February 28 2018

February 28 2018

Dark archaeology, future California floods, migration from the Mekong delta, sinking New Orleans

The New York Times has a sad but important article about how the implications of climate change are causing young people from all over the world to wonder if it is ethical to bring children into a damaged world. The Washington Post reports on the situation in Cape Town, South Africa, which is in the midst of an extreme drought. “Day Zero,” when the City will shut off municipal water supplies and ration water to residents at central stations, is now projected for May. As an article in Mother Jones notes, “If there is no rain, Cape Town will be the first major city in the world to run out of water, but it probably won’t be the last,” a warning Reuters reports is echoed by the global accounting firm Deloitte. In Fortune, Peter Gleick talks about how we must adapt to this new reality.

The Washington Post reports that a recent study led by USGS scientists concluded that the arctic permafrost contains large volumes of mercury, a toxic element humans have been releasing into the environment by burning coal among other activities. Some portion of this pool of mercury will be mobilized as arctic soils warm. It is not clear what its fate will be, although mercury has the capacity to enter many environmental pathways as it has a gaseous form and can bioaccumulate in the food web.

Weather.com devoted its entire splash page to climate change on January 25th, reports the Washington Post. This is part of a national story on weather.com called The United States of Climate Change. Particularly noteworthy is that weather.com (owned by IBM) used the headline “There is no climate change debate.” The website’s executive editor observed that at present “America is unwilling to invest in mitigating the effects of climate change to the degree that future safety and stability requires.”

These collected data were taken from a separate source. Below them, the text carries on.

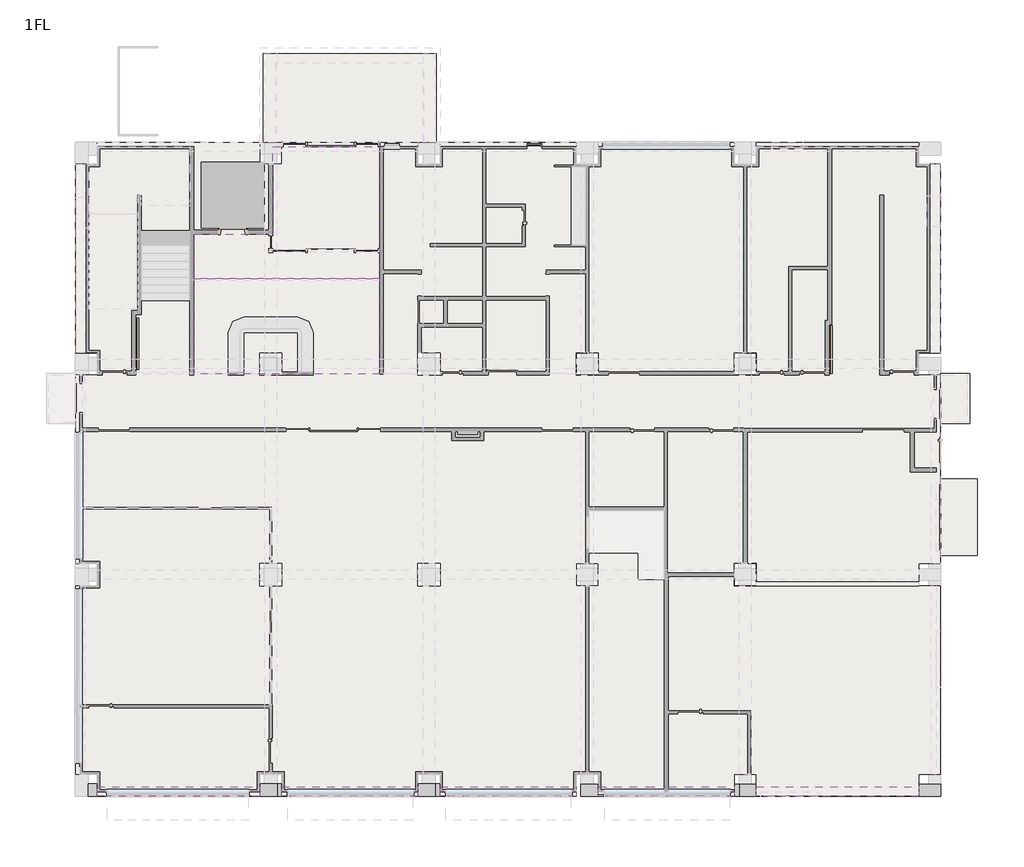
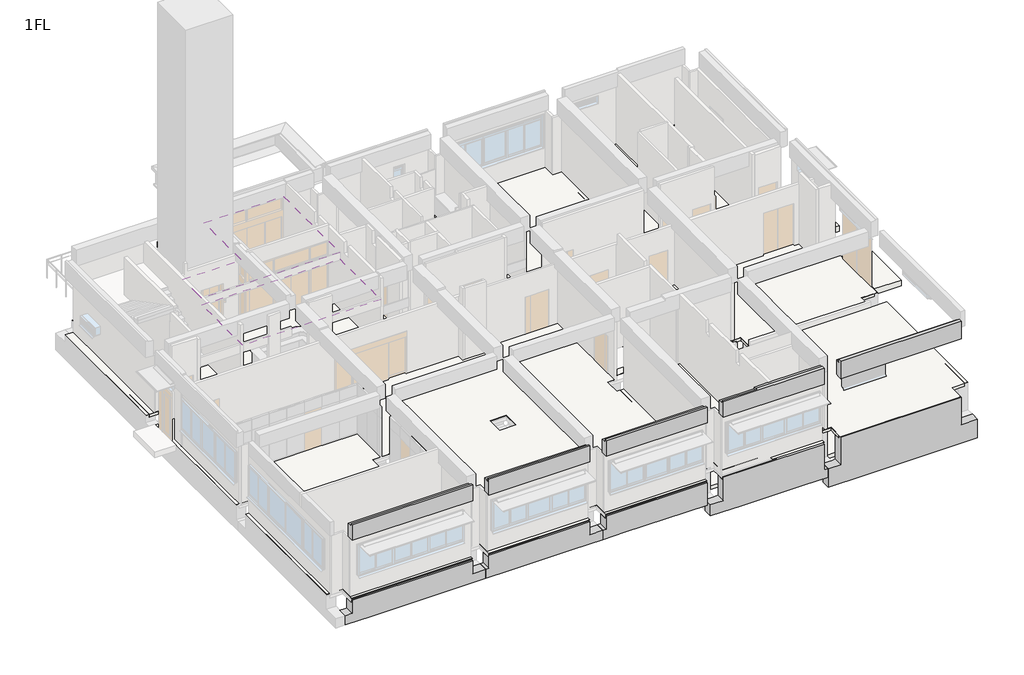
# One storey, part 4 of 7: 10 beams, 9 slabs, 2 coverings.
"""IFC4 building model written with IfcOpenShell, lengths in millimetres."""

import ifcopenshell
import ifcopenshell.guid

model = None  # the IFC model being written
_history = None  # IfcOwnerHistory: only IFC2X3 demands one
_inside = {}  # id of a spatial element -> (the spatial element, [elements in it])
_under = {}  # id of a project, library or spatial element -> (it, [spatial elements below it])
_declared = {}  # id of a project -> (the project, [libraries it declares])
_typed = {}  # id of a type object -> (the type object, [elements of that type])
_made_of = {}  # id of a material, layer set ... -> (it, [elements and type objects made of it])


def new_model(schema):
    """Start an empty IFC model of exactly this schema.

    Asked for "IFC4X3", IfcOpenShell would pick the latest addendum, in which some entities
    have other attributes; the version numbers below select the first issue.
    IFC2X3 requires an IfcOwnerHistory on every rooted entity: one is made here for all.
    """
    global model, _history
    if schema == "IFC4X3":
        model = ifcopenshell.file(schema_version=(4, 3, 0, 0))
    else:
        model = ifcopenshell.file(schema=schema)
    _inside.clear()
    _under.clear()
    _declared.clear()
    _typed.clear()
    _made_of.clear()
    _history = None
    if model.schema == "IFC2X3":
        org = make("IfcOrganization", Name="unknown")
        user = make(
            "IfcPersonAndOrganization",
            ThePerson=make("IfcPerson", FamilyName="unknown"),
            TheOrganization=org,
        )
        app = make(
            "IfcApplication",
            ApplicationDeveloper=org,
            Version="unknown",
            ApplicationFullName="unknown",
            ApplicationIdentifier="unknown",
        )
        _history = make(
            "IfcOwnerHistory",
            OwningUser=user,
            OwningApplication=app,
            ChangeAction="ADDED",
            CreationDate=0,
        )
    return model


def make(cls, **values):
    """One entity of the class cls with the attributes given. An attribute that is None is left unset."""
    return model.create_entity(
        cls, **{name: value for name, value in values.items() if value is not None}
    )


def rooted(cls, **values):
    """An entity with a GlobalId (a new one), such as an element, a storey or a relation."""
    return make(cls, GlobalId=ifcopenshell.guid.new(), OwnerHistory=_history, **values)


def si_unit(unit_type, name, prefix=None):
    """IfcSIUnit, for example si_unit("LENGTHUNIT", "METRE", prefix="MILLI")."""
    return make("IfcSIUnit", UnitType=unit_type, Prefix=prefix, Name=name)


def assignment(units):
    """IfcUnitAssignment: the units of a project."""
    return None if units is None else make("IfcUnitAssignment", Units=units)


def point(xyz):
    """IfcCartesianPoint."""
    return None if xyz is None else make("IfcCartesianPoint", Coordinates=xyz)


def direction(xyz):
    """IfcDirection."""
    return None if xyz is None else make("IfcDirection", DirectionRatios=xyz)


def frame(location, z_axis=None, x_axis=None):
    """IfcAxis2Placement3D, a coordinate frame: its origin and axes. An axis left out is left unset."""
    return make(
        "IfcAxis2Placement3D",
        Location=point(location),
        Axis=direction(z_axis),
        RefDirection=direction(x_axis),
    )


def origin():
    """The frame at (0, 0, 0) with its axes left unset."""
    return frame((0.0, 0.0, 0.0))


def place(relative_to, where):
    """IfcLocalPlacement: puts the frame where relative to a parent placement (None: the world)."""
    return make(
        "IfcLocalPlacement", PlacementRelTo=relative_to, RelativePlacement=where
    )


def context(
    kind, dimensions, precision=None, world=None, true_north=None, identifier=None
):
    """IfcGeometricRepresentationContext, for example the 3D "Model" context."""
    return make(
        "IfcGeometricRepresentationContext",
        ContextIdentifier=identifier,
        ContextType=kind,
        CoordinateSpaceDimension=dimensions,
        Precision=precision,
        WorldCoordinateSystem=world,
        TrueNorth=true_north,
    )


def project(units=None, contexts=None):
    """IfcProject with its units and contexts."""
    return rooted(
        "IfcProject",
        Name="project",
        RepresentationContexts=contexts,
        UnitsInContext=assignment(units),
    )


def spatial(cls, under=None, at=None, **own):
    """A site, building, storey or space (cls), placed at a placement, below another one or the project."""
    s = rooted(cls, ObjectPlacement=at, **own)
    if under is not None:
        _under.setdefault(under.id(), (under, []))[1].append(s)
    return s


def polyline(points):
    """IfcPolyline through the points."""
    return make("IfcPolyline", Points=[point(p) for p in points])


def outline(outer, holes=None, kind="AREA"):
    """IfcArbitraryClosedProfileDef: a profile drawn as a closed curve; with holes, ...WithVoids."""
    if holes is None:
        return make("IfcArbitraryClosedProfileDef", ProfileType=kind, OuterCurve=outer)
    return make(
        "IfcArbitraryProfileDefWithVoids",
        ProfileType=kind,
        OuterCurve=outer,
        InnerCurves=holes,
    )


def extrude(swept, where, along, depth):
    """IfcExtrudedAreaSolid: the profile swept, set in the frame where, extruded along a direction by depth."""
    return make(
        "IfcExtrudedAreaSolid",
        SweptArea=swept,
        Position=where,
        ExtrudedDirection=direction(along),
        Depth=depth,
    )


def faces_of(points, faces, orient=None, outer=None):
    """IfcFace entities. A face is a list of loops; a loop is a list of indices into points, from 0.

    orient and outer hold one flag for each loop. By default every Orientation is true, the
    first loop of a face is its IfcFaceOuterBound and the others are IfcFaceBound.
    """
    made = []
    for i, loops in enumerate(faces):
        bounds = []
        for j, loop in enumerate(loops):
            is_outer = j == 0 if outer is None else outer[i][j]
            bounds.append(
                make(
                    "IfcFaceOuterBound" if is_outer else "IfcFaceBound",
                    Bound=make("IfcPolyLoop", Polygon=[points[k] for k in loop]),
                    Orientation=True if orient is None else orient[i][j],
                )
            )
        made.append(make("IfcFace", Bounds=bounds))
    return made


def faceted_brep(points, faces, orient=None, outer=None, voids=None):
    """IfcFacetedBrep: a solid bounded by flat faces; with voids (closed shells), ...WithVoids."""
    shared = [point(p) for p in points]
    hull = make("IfcClosedShell", CfsFaces=faces_of(shared, faces, orient, outer))
    if voids is None:
        return make("IfcFacetedBrep", Outer=hull)
    return make(
        "IfcFacetedBrepWithVoids",
        Outer=hull,
        Voids=[
            make(cls, CfsFaces=faces_of(shared, fs, o, b)) for cls, fs, o, b in voids
        ],
    )


def shape(context_of_items, identifier, shape_type, items):
    """IfcShapeRepresentation: the items that make up one representation, for example the "Body"."""
    return make(
        "IfcShapeRepresentation",
        ContextOfItems=context_of_items,
        RepresentationIdentifier=identifier,
        RepresentationType=shape_type,
        Items=items,
    )


def made_of(thing, what):
    """Note that an element or type object is made of a material, layer set ...; save() writes the relation."""
    if what is not None:
        _made_of.setdefault(what.id(), (what, []))[1].append(thing)
    return thing


def element(
    cls,
    number,
    at=None,
    inside=None,
    cuts=None,
    type_object=None,
    material=None,
    context=None,
    identifier="Body",
    shape_type=None,
    held_by="IfcProductDefinitionShape",
    body=None,
    shapes=None,
    **own,
):
    """One element of the class cls, such as IfcWall. Its Tag is "e" and its number.

    at: its placement. inside: the storey or other place that contains it. cuts: it is an
    opening in that element (IfcRelVoidsElement). A single representation is given by context,
    identifier, shape_type and body (its items); several are given by shapes. held_by: the class
    of the entity that holds the representations. save() writes the other relations.
    """
    e = rooted(cls, Tag="e%d" % number, ObjectPlacement=at, **own)
    if body is not None:
        shapes = [shape(context, identifier, shape_type, body)]
    if shapes is not None:
        e.Representation = make(held_by, Representations=shapes)
    if inside is not None:
        _inside.setdefault(inside.id(), (inside, []))[1].append(e)
    if cuts is not None:
        rooted(
            "IfcRelVoidsElement", RelatingBuildingElement=cuts, RelatedOpeningElement=e
        )
    if type_object is not None:
        _typed.setdefault(type_object.id(), (type_object, []))[1].append(e)
    return made_of(e, material)


def aggregate(whole, parts):
    """IfcRelAggregates: a whole, such as a stair, and the parts it consists of."""
    return rooted("IfcRelAggregates", RelatingObject=whole, RelatedObjects=parts)


def save(model, path):
    """Write the relations noted so far, then the file.

    IfcRelAggregates (storeys below a building ...), IfcRelContainedInSpatialStructure (elements
    in a storey), IfcRelDefinesByType, IfcRelAssociatesMaterial and IfcRelDeclares: one each for
    every whole, place, type object, material and project.
    """
    for whole, parts in _under.values():
        aggregate(whole, parts)
    for where, things in _inside.values():
        rooted(
            "IfcRelContainedInSpatialStructure",
            RelatedElements=things,
            RelatingStructure=where,
        )
    for kind, things in _typed.values():
        rooted("IfcRelDefinesByType", RelatedObjects=things, RelatingType=kind)
    for what, things in _made_of.values():
        rooted("IfcRelAssociatesMaterial", RelatedObjects=things, RelatingMaterial=what)
    for by, libraries in _declared.values():
        rooted("IfcRelDeclares", RelatingContext=by, RelatedDefinitions=libraries)
    model.write(path)


model = new_model("IFC4")

# Units and contexts
model_context = context("Model", 3, world=origin())
ifc_project = project(units=[si_unit("LENGTHUNIT", "METRE", prefix="MILLI")], contexts=[model_context])

# Site, building, storey
site = spatial("IfcSite", under=ifc_project)
building = spatial("IfcBuilding", under=site)
storey = spatial("IfcBuildingStorey", under=building, Name="1FL", Elevation=0.0)

# Beams
placement = place(None, origin())
element("IfcBeam", 1, ObjectType="営_RC梁 : 2-RG1 350*850", at=placement, inside=storey, context=model_context, shape_type="Brep", body=[
    faceted_brep([(6580.0, -420.0, 4000.0), (6580.0, -420.0, 3150.0), (6580.0, -250.0, 3150.0), (6580.0, -50.0, 3150.0), (6580.0, -50.0, 3850.0), (6580.0, -325.0, 3850.0), (6580.0, -325.0, 4000.0), (420.0, -50.0, 3150.0), (420.0, -250.0, 3150.0), (420.0, -420.0, 3150.0), (420.0, -420.0, 4000.0), (420.0, -325.0, 4000.0), (420.0, -325.0, 3850.0), (420.0, -50.0, 3850.0)], [[[0, 1, 2, 3, 4, 5, 6]], [[7, 8, 9, 10, 11, 12, 13]], [[1, 0, 10, 9]], [[3, 2, 1, 9, 8, 7]], [[3, 7, 13, 4]], [[10, 0, 6, 11]], [[12, 5, 4, 13]], [[5, 12, 11, 6]]]),
])
element("IfcBeam", 2, ObjectType="営_RC梁 : 2-RG1 350*850", at=placement, inside=storey, context=model_context, shape_type="Brep", body=[
    faceted_brep([(12580.0, -420.0, 4000.0), (12580.0, -420.0, 3150.0), (12580.0, -250.0, 3150.0), (12580.0, -50.0, 3150.0), (12580.0, -50.0, 3850.0), (12580.0, -325.0, 3850.0), (12580.0, -325.0, 4000.0), (7420.0, -50.0, 3150.0), (7420.0, -250.0, 3150.0), (7420.0, -420.0, 3150.0), (7420.0, -420.0, 4000.0), (7420.0, -325.0, 4000.0), (7420.0, -325.0, 3850.0), (7420.0, -50.0, 3850.0)], [[[0, 1, 2, 3, 4, 5, 6]], [[7, 8, 9, 10, 11, 12, 13]], [[1, 0, 10, 9]], [[3, 2, 1, 9, 8, 7]], [[3, 7, 13, 4]], [[10, 0, 6, 11]], [[12, 5, 4, 13]], [[5, 12, 11, 6]]]),
])
element("IfcBeam", 3, ObjectType="営_RC梁 : 2-RG1 350*850", at=placement, inside=storey, context=model_context, shape_type="Brep", body=[
    faceted_brep([(18580.0, -420.0, 4000.0), (18580.0, -420.0, 3150.0), (18580.0, -250.0, 3150.0), (18580.0, -50.0, 3150.0), (18580.0, -50.0, 3850.0), (18580.0, -325.0, 3850.0), (18580.0, -325.0, 4000.0), (13420.0, -50.0, 3150.0), (13420.0, -250.0, 3150.0), (13420.0, -420.0, 3150.0), (13420.0, -420.0, 4000.0), (13420.0, -325.0, 4000.0), (13420.0, -325.0, 3850.0), (13420.0, -50.0, 3850.0)], [[[0, 1, 2, 3, 4, 5, 6]], [[7, 8, 9, 10, 11, 12, 13]], [[1, 0, 10, 9]], [[3, 2, 1, 9, 8, 7]], [[3, 7, 13, 4]], [[10, 0, 6, 11]], [[12, 5, 4, 13]], [[5, 12, 11, 6]]]),
])
element("IfcBeam", 4, ObjectType="営_RC梁 : 2-RG1 350*850", at=placement, inside=storey, context=model_context, shape_type="Brep", body=[
    faceted_brep([(24580.0, -420.0, 4000.0), (24580.0, -420.0, 3150.0), (24580.0, -250.0, 3150.0), (24580.0, -50.0, 3150.0), (24580.0, -50.0, 3940.0), (24580.0, -250.0, 3940.0), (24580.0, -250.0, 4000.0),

The feature article for California on the weather.com site is a well-written and comprehensive account of flooding in California that I highly recommend. The article takes a deep dive into California’s flooding history, the science of atmospheric rivers (including our ability to predict these events, which is currently poor but improving), flood protection standards, steps underway to prepare for large floods in the future, and our remarkable vulnerability to a major event (such as a 500-year flood). The article notes that scientists consider it likely that future ARs will be more frequent, with some being stronger due to the fact that there is more water vapor in the atmosphere.

Melting glaciers in Norway are revealing a rich array of artifacts to archaeologists, including many in materials such as cloth and wood that are not often preserved, reports Newsweek. One of the researchers calls this “dark archaeology,” as the field is benefiting from climatic change that is likely to cause much suffering. Norway is also the nation leading efforts to electrify commercial shipping, as reviewed in YaleEnvironment360.

Inside Climate News reports that the European Academies’ Science Advisory Council concludes technologies to remove carbon dioxide from the air aren’t yet feasible on the scale needed to slow global warming. This is a critical issue because most of the 2°C pathways laid out by the UN’s Intergovernmental Panel on Climate Change (IPCC) rely on deploying negative emissions approaches by the middle of this century. The article reviews the methods and technologies for removing carbon from the air (including natural carbon solutions such as afforestation and altered agricultural practices). An article in Quartz notes that changing agricultural practices hold the possibility of removing carbon from the atmosphere while at the same time enhancing agricultural production. Much research still is required to understand the best approach for making this happen.

An article on the blog of the Union of Concerned Scientists examines the current and projected impacts of sea level rise along the coast of Oregon. The New York Times reports on chemical spills caused by flooding during major storms, and notes that these spills underscore the vulnerability of America’s industrial sites to rising sea levels and extreme weather. The Atlantic reviews the history of development of New Orleans in an interesting article How Humans Sank New Orleans. “While the vast majority of New Orleans’s 300,000 residents lived above sea level in the early 1900s, only 48 percent remained above the water in 1960, when the city’s population peaked at 627,525.” An article on The Conversation describes how impacts from climate change (salt water intrusion and sea level rise) are interacting with other factors to generate human migration from the Mekong Delta.

Inside Climate News reports on a recent study that documents the acceleration of global sea level rise over the last 25 years. This acceleration has been predicted by models and is projected to continue into the future. The Trump administration has responded to this threat by rescinding a requirement that future infrastructure projects take climate change into account (especially future flood potential). The New York Times reviews the implications of this short-sighted decision.

Landscape Architecture Magazine has an article describing some of the initial concepts developed by the Resilient by Design Bay Area Challenge. The Atlantic reports on our nation’s first climate museum in Manhattan. The founder hopes this will contribute to creating “climate citizenship” in the United States.